Дома староста поставил на печь здоровенный котел с водой, усадил Нану на лавку и повел нас в сарай, предварительно вручив две объемистые переметные сумы. Я тут же перекинул свою ношу через плечо — тяжелая, зараза! Ромка последовал моему примеру.

Из-за закрытых дверей строения доносилось слабое блеяние.

— У меня лучшие гаджи в деревне, — с мрачной гордостью произнес Яким, входя в помещение.

Звери радостно заскакали, приветствуя хозяина. Н-да… Я-то думал, что гаджи — это вроде лошадей или на крайний случай — лам. Ага, держи карман шире! Оказалось, больше всего гаджи оказались похожи на немецких догов, только ростом с тех же коней и с короткими щетками грив. Один черный, второй — тигрового окраса.
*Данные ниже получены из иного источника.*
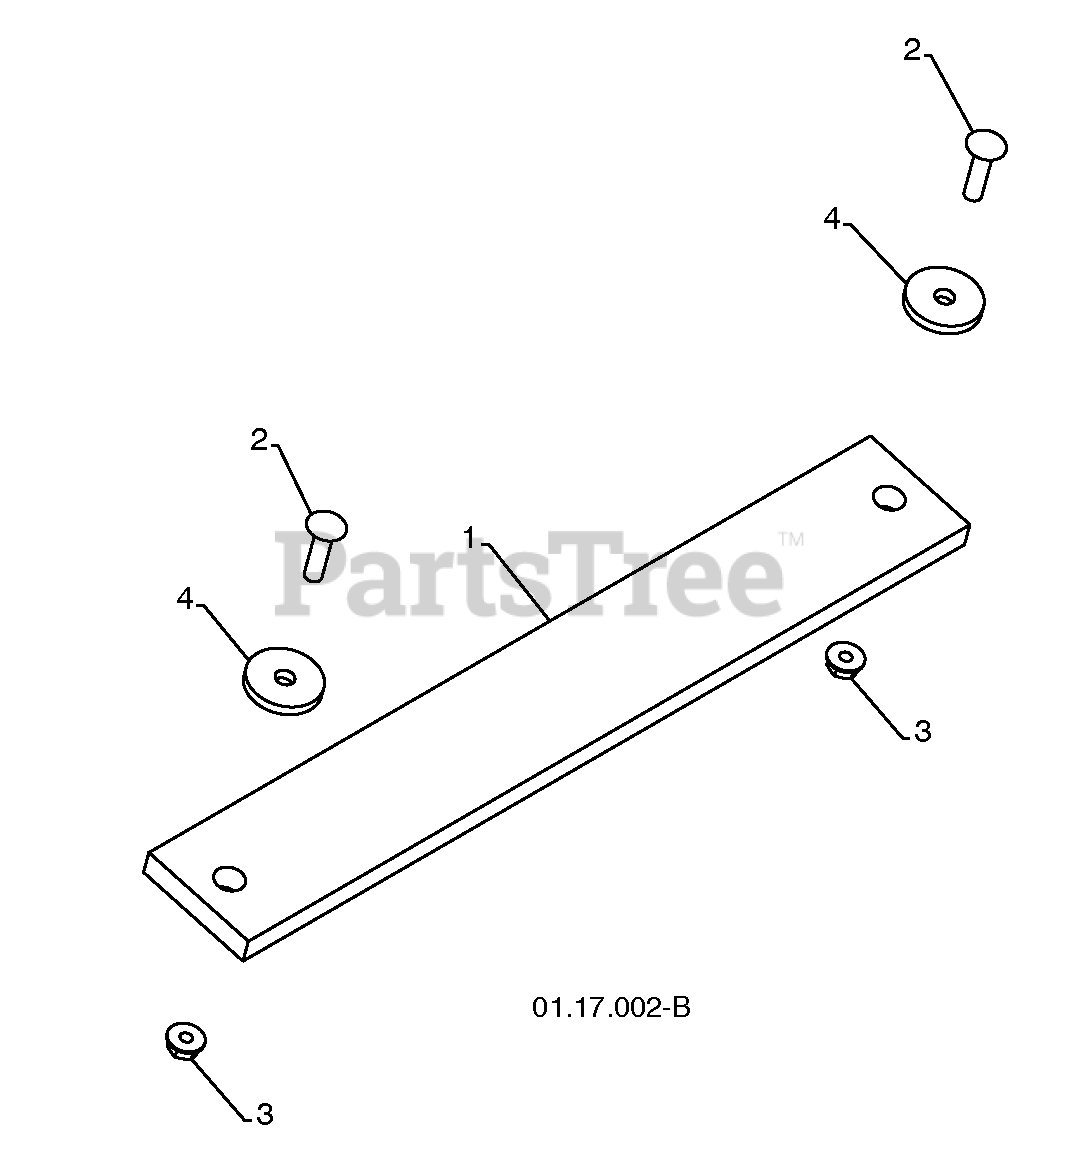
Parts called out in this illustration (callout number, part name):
1	WEIGHT BAR
2	CARRIAGE BOLT 5/16-18 X 1.25
3	NUT 5/16-18

Один из этих зверей запрокинул голову и издал уже знакомое нам блеяние. Я выпал в осадок. Но тут гадж зевнул, широко раскрыв пасть и продемонстрировав набор внушительных клыков. Смеяться расхотелось. И на этом нам предстоит ехать верхом?! Сохрани нас, Дрон Пыльник…

— Ну вот, — сказал Яким. — Черный — это Игги, полосатый — Сарни.

Я подошел знакомиться к черному Игги. Похлопал по шее, погладил морду. Чудище заурчало, как сытый кот.

— Надо же, ты ему понравился, бать.

— Вот и отлично. Тем более что с такими скакунами нам даже эррхарги не страшны!

— Это вряд ли, — усмехнулся староста, — трусливые дюже.

— Хищники, и вдруг трусливые? — не поверил Ромка.

— Так это домашние гаджи. С дикими лучше не встречаться. Там в сумках для них еда, — махнул рукой Яким на объемистые мешки, укрепленные позади седел, — кормите утром и вечером. Дня на три хватит. Они, конечно, могут и сами поохотиться, но поначалу лучше не отпускать, пока к вам не привыкнут.

Я заверил, что мы в точности выполним его инструкции, а староста вдруг отвел глаза в сторону.

— Теперь уходите, Хайверги, и быстро! За убитых кто-то должон нести ответ, так что сами понимаете…

По деревне без названия мы промчались ураганом и, выскочив за ворота, понеслись прочь, оставив ее за спиной.